### RECORD EXTRACTS
━━━━━━━━━━━━━━━━━━━━

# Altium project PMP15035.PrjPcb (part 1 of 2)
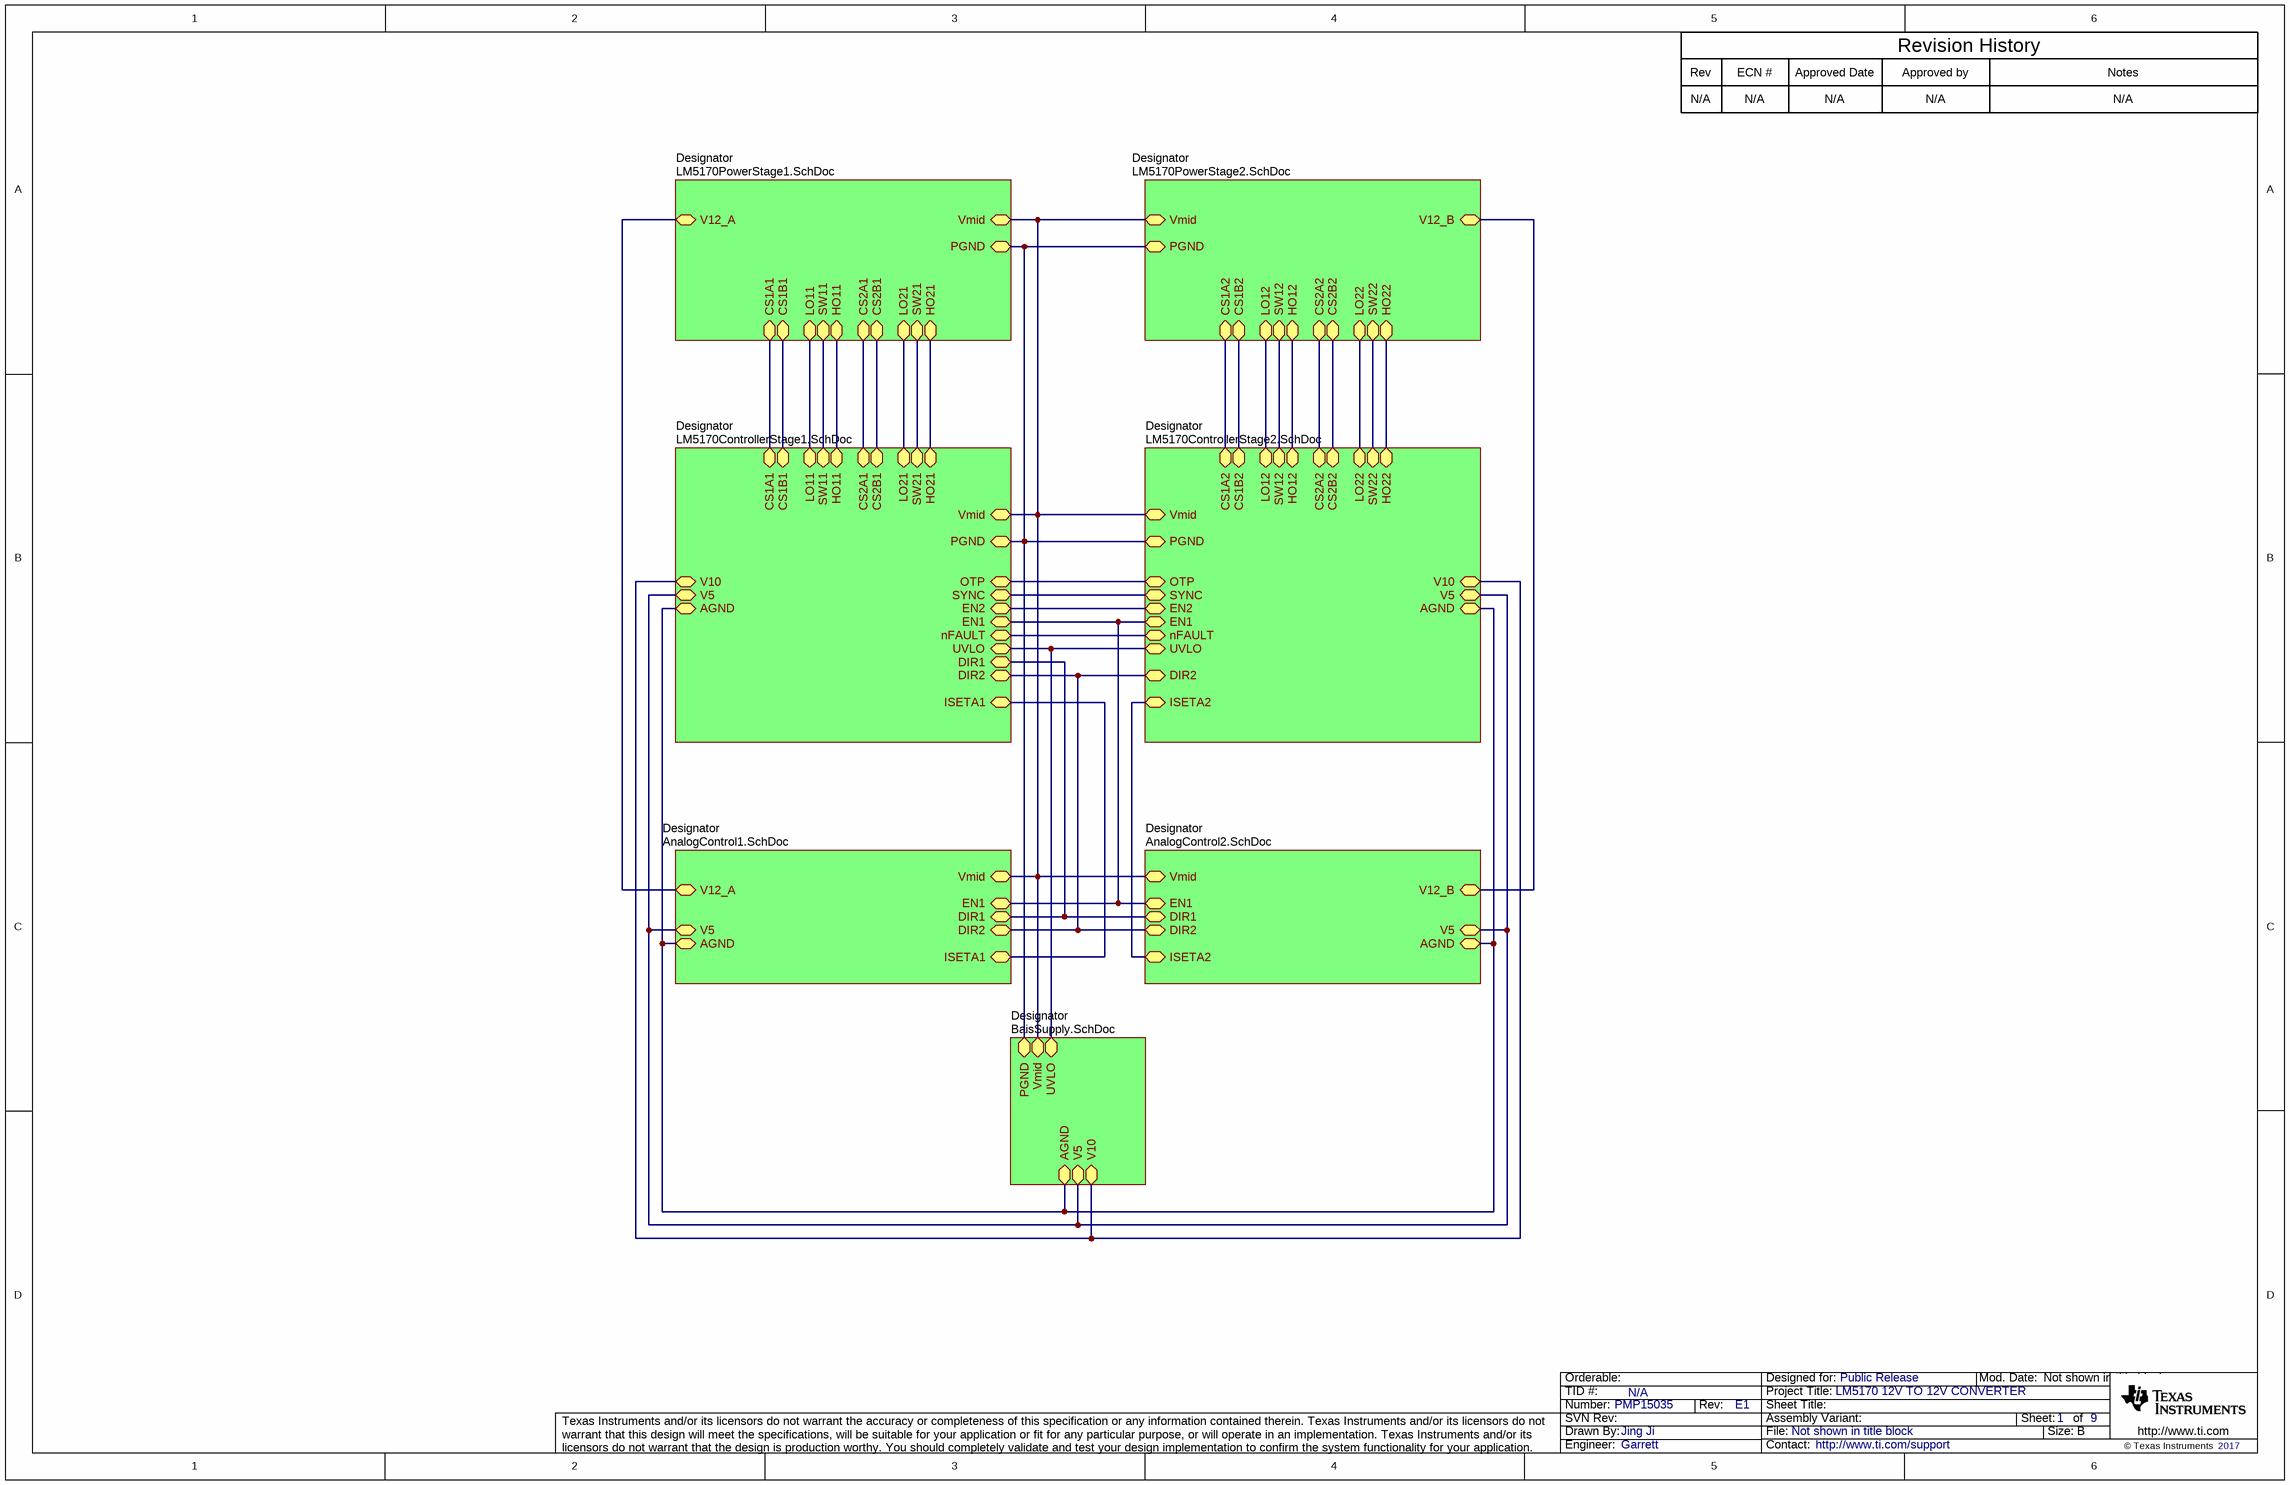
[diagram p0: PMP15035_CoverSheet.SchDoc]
CopyrightYear: 2017; PCB_Layout: Jing Ji; PCB_Rev: E1; PRJ_Customer: Public Release; PRJ_Engineer: Garrett; PRJ_Number: PMP15035; PRJ_Title: LM5170 12V TO 12V CONVERTER; SCH_Rev: E1; TechSupport: http://www.ti.com/support; TID: N/A
8 sheets, 339 parts. Net scope: hierarchical (ports join the sheet entries above them; power ports are global).
Board file: PMP15035_PCB.PcbDoc
Sheets:
  PMP15035_CoverSheet.SchDoc
    Designator = AnalogControl2.SchDoc
    Designator = LM5170PowerStage2.SchDoc
    Designator = LM5170PowerStage1.SchDoc
    Designator = AnalogControl1.SchDoc
    Designator = LM5170ControllerStage1.SchDoc
    Designator = LM5170ControllerStage2.SchDoc
    Designator = BaisSupply.SchDoc

## Sheet PMP15035_CoverSheet.SchDoc
size 431 x 279 mm; Date: Not shown in title block; ApprovedBy: Not shown in title block; CheckedBy: Not shown in title block; Author: Not shown in title block; CompanyName: Not shown in title block; DrawnBy: Jing Ji; Engineer: Not shown in title block; Organization: Not shown in title block; Address1: Not shown in title block; Address2: Not shown in title block; Address3: Not shown in title block; Address4: Not shown in title block; DocumentNumber: 1; Revision: Use project parameter SCH_Rev; SheetNumber: 1; SheetTotal: 9; PageSetup: Record=PageOptions¦CenterHorizontal=True¦CenterVertical=True¦PrintScale=1.00¦XCorrection=1.00¦YCorrection=1.00¦PrintKind=0¦BorderSize=5000000¦LeftOffset=0¦BottomOffset=0¦Orientation=2¦PaperLength=1000¦PaperWidth=1000¦Scale=100¦PaperSource=15¦PrintQuality=600¦MediaType=1¦DitherType=10¦PaperKind=Letter¦PrintScaleMode=1

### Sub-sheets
Designator = AnalogControl2.SchDoc: Vmid, V12_B, AGND, V5, DIR2, ISETA2, DIR1, EN1
Designator = LM5170PowerStage2.SchDoc: V12_B, Vmid, PGND, CS1A2, CS1B2, LO12, SW12, HO12, CS2A2, CS2B2, LO22, SW22, HO22
Designator = LM5170PowerStage1.SchDoc: Vmid, V12_A, PGND, CS1A1, CS1B1, LO11, SW11, HO11, CS2A1, CS2B1, LO21, SW21, HO21
Designator = AnalogControl1.SchDoc: Vmid, V12_A, AGND, V5, DIR1, ISETA1, DIR2, EN1
Designator = LM5170ControllerStage1.SchDoc: CS1A1, CS1B1, LO11, SW11, HO11, CS2A1, CS2B1, LO21, SW21, HO21, Vmid, PGND, V10, AGND, DIR1, ISETA1, DIR2, nFAULT, EN1, EN2, UVLO, SYNC, V5, OTP
Designator = LM5170ControllerStage2.SchDoc: CS1A2, CS1B2, LO12, SW12, HO12, CS2A2, CS2B2, LO22, SW22, HO22, Vmid, PGND, V10, AGND, DIR2, ISETA2, nFAULT, EN1, EN2, SYNC, UVLO, V5, OTP
Designator = BaisSupply.SchDoc: V10, AGND, PGND, Vmid, V5, UVLO

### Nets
AGND: sheet Designator/AGND, sheet Designator/AGND, sheet Designator/AGND, sheet Designator/AGND, sheet Designator/AGND
DIR1: sheet Designator/DIR1, sheet Designator/DIR1, sheet Designator/DIR1
EN1: sheet Designator/EN1, sheet Designator/EN1, sheet Designator/EN1, sheet Designator/EN1
EN2: sheet Designator/EN2, sheet Designator/EN2
nFAULT: sheet Designator/nFAULT, sheet Designator/nFAULT
PGND: sheet Designator/PGND, sheet Designator/PGND, sheet Designator/PGND, sheet Designator/PGND, sheet Designator/PGND
V5: sheet Designator/V5, sheet Designator/V5, sheet Designator/V5, sheet Designator/V5, sheet Designator/V5
V12_A: sheet Designator/V12_A, sheet Designator/V12_A
V12_B: sheet Designator/V12_B, sheet Designator/V12_B
VCC1: sheet Designator/V10, sheet Designator/V10, sheet Designator/V10
Vmid: sheet Designator/Vmid, sheet Designator/Vmid, sheet Designator/Vmid, sheet Designator/Vmid, sheet Designator/Vmid, sheet Designator/Vmid, sheet Designator/Vmid
CS1A1: sheet Designator/CS1A1, sheet Designator/CS1A1
CS1A2: sheet Designator/CS1A2, sheet Designator/CS1A2
CS1B1: sheet Designator/CS1B1, sheet Designator/CS1B1
CS1B2: sheet Designator/CS1B2, sheet Designator/CS1B2
CS2A1: sheet Designator/CS2A1, sheet Designator/CS2A1
CS2A2: sheet Designator/CS2A2, sheet Designator/CS2A2
CS2B1: sheet Designator/CS2B1, sheet Designator/CS2B1
CS2B2: sheet Designator/CS2B2, sheet Designator/CS2B2
DIR2: sheet Designator/DIR2, sheet Designator/DIR2, sheet Designator/DIR2, sheet Designator/DIR2
HO11: sheet Designator/HO11, sheet Designator/HO11
HO12: sheet Designator/HO12, sheet Designator/HO12
HO21: sheet Designator/HO21, sheet Designator/HO21
HO22: sheet Designator/HO22, sheet Designator/HO22
ISETA1: sheet Designator/ISETA1, sheet Designator/ISETA1
ISETA2: sheet Designator/ISETA2, sheet Designator/ISETA2
LO11: sheet Designator/LO11, sheet Designator/LO11
LO12: sheet Designator/LO12, sheet Designator/LO12
LO21: sheet Designator/LO21, sheet Designator/LO21
LO22: sheet Designator/LO22, sheet Designator/LO22
OTP: sheet Designator/OTP, sheet Designator/OTP
SW11: sheet Designator/SW11, sheet Designator/SW11
SW12: sheet Designator/SW12, sheet Designator/SW12
SW21: sheet Designator/SW21, sheet Designator/SW21
SW22: sheet Designator/SW22, sheet Designator/SW22
SYNC: sheet Designator/SYNC, sheet Designator/SYNC
UVLO: sheet Designator/UVLO, sheet Designator/UVLO, sheet Designator/UVLO

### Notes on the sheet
- Rev
- N/A
- ECN #
- Approved Date
- Approved by
- Revision History
- Notes

## Sheet AnalogControl2.SchDoc
size 431 x 279 mm; Date: Not shown in title block; ApprovedBy: Not shown in title block; CheckedBy: Not shown in title block; Author: Not shown in title block; CompanyName: Not shown in title block; Engineer: Not shown in title block; Organization: Not shown in title block; Address1: Not shown in title block; Address2: Not shown in title block; Address3: Not shown in title block; Address4: Not shown in title block; DocumentNumber: 7; Revision: Use project parameter SCH_Rev; SheetNumber: 7; SheetTotal: 9; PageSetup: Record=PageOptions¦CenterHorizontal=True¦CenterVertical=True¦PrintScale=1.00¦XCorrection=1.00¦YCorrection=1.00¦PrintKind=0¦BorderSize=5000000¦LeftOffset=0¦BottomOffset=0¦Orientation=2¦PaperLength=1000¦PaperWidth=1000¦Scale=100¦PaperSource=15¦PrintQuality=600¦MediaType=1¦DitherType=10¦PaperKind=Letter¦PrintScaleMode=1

━━━━━━━━━━━━━━━━━━━━

### ABOUT THIS TASK
Looking at the records above, return exactly the lines from the line with "AGND: sheet Designator/AGND, sheet" to the line with "CS2B2: sheet Designator/CS2B2, sheet", both ends included.

### RESULT
AGND: sheet Designator/AGND, sheet Designator/AGND, sheet Designator/AGND, sheet Designator/AGND, sheet Designator/AGND
DIR1: sheet Designator/DIR1, sheet Designator/DIR1, sheet Designator/DIR1
EN1: sheet Designator/EN1, sheet Designator/EN1, sheet Designator/EN1, sheet Designator/EN1
EN2: sheet Designator/EN2, sheet Designator/EN2
nFAULT: sheet Designator/nFAULT, sheet Designator/nFAULT
PGND: sheet Designator/PGND, sheet Designator/PGND, sheet Designator/PGND, sheet Designator/PGND, sheet Designator/PGND
V5: sheet Designator/V5, sheet Designator/V5, sheet Designator/V5, sheet Designator/V5, sheet Designator/V5
V12_A: sheet Designator/V12_A, sheet Designator/V12_A
V12_B: sheet Designator/V12_B, sheet Designator/V12_B
VCC1: sheet Designator/V10, sheet Designator/V10, sheet Designator/V10
Vmid: sheet Designator/Vmid, sheet Designator/Vmid, sheet Designator/Vmid, sheet Designator/Vmid, sheet Designator/Vmid, sheet Designator/Vmid, sheet Designator/Vmid
CS1A1: sheet Designator/CS1A1, sheet Designator/CS1A1
CS1A2: sheet Designator/CS1A2, sheet Designator/CS1A2
CS1B1: sheet Designator/CS1B1, sheet Designator/CS1B1
CS1B2: sheet Designator/CS1B2, sheet Designator/CS1B2
CS2A1: sheet Designator/CS2A1, sheet Designator/CS2A1
CS2A2: sheet Designator/CS2A2, sheet Designator/CS2A2
CS2B1: sheet Designator/CS2B1, sheet Designator/CS2B1
CS2B2: sheet Designator/CS2B2, sheet Designator/CS2B2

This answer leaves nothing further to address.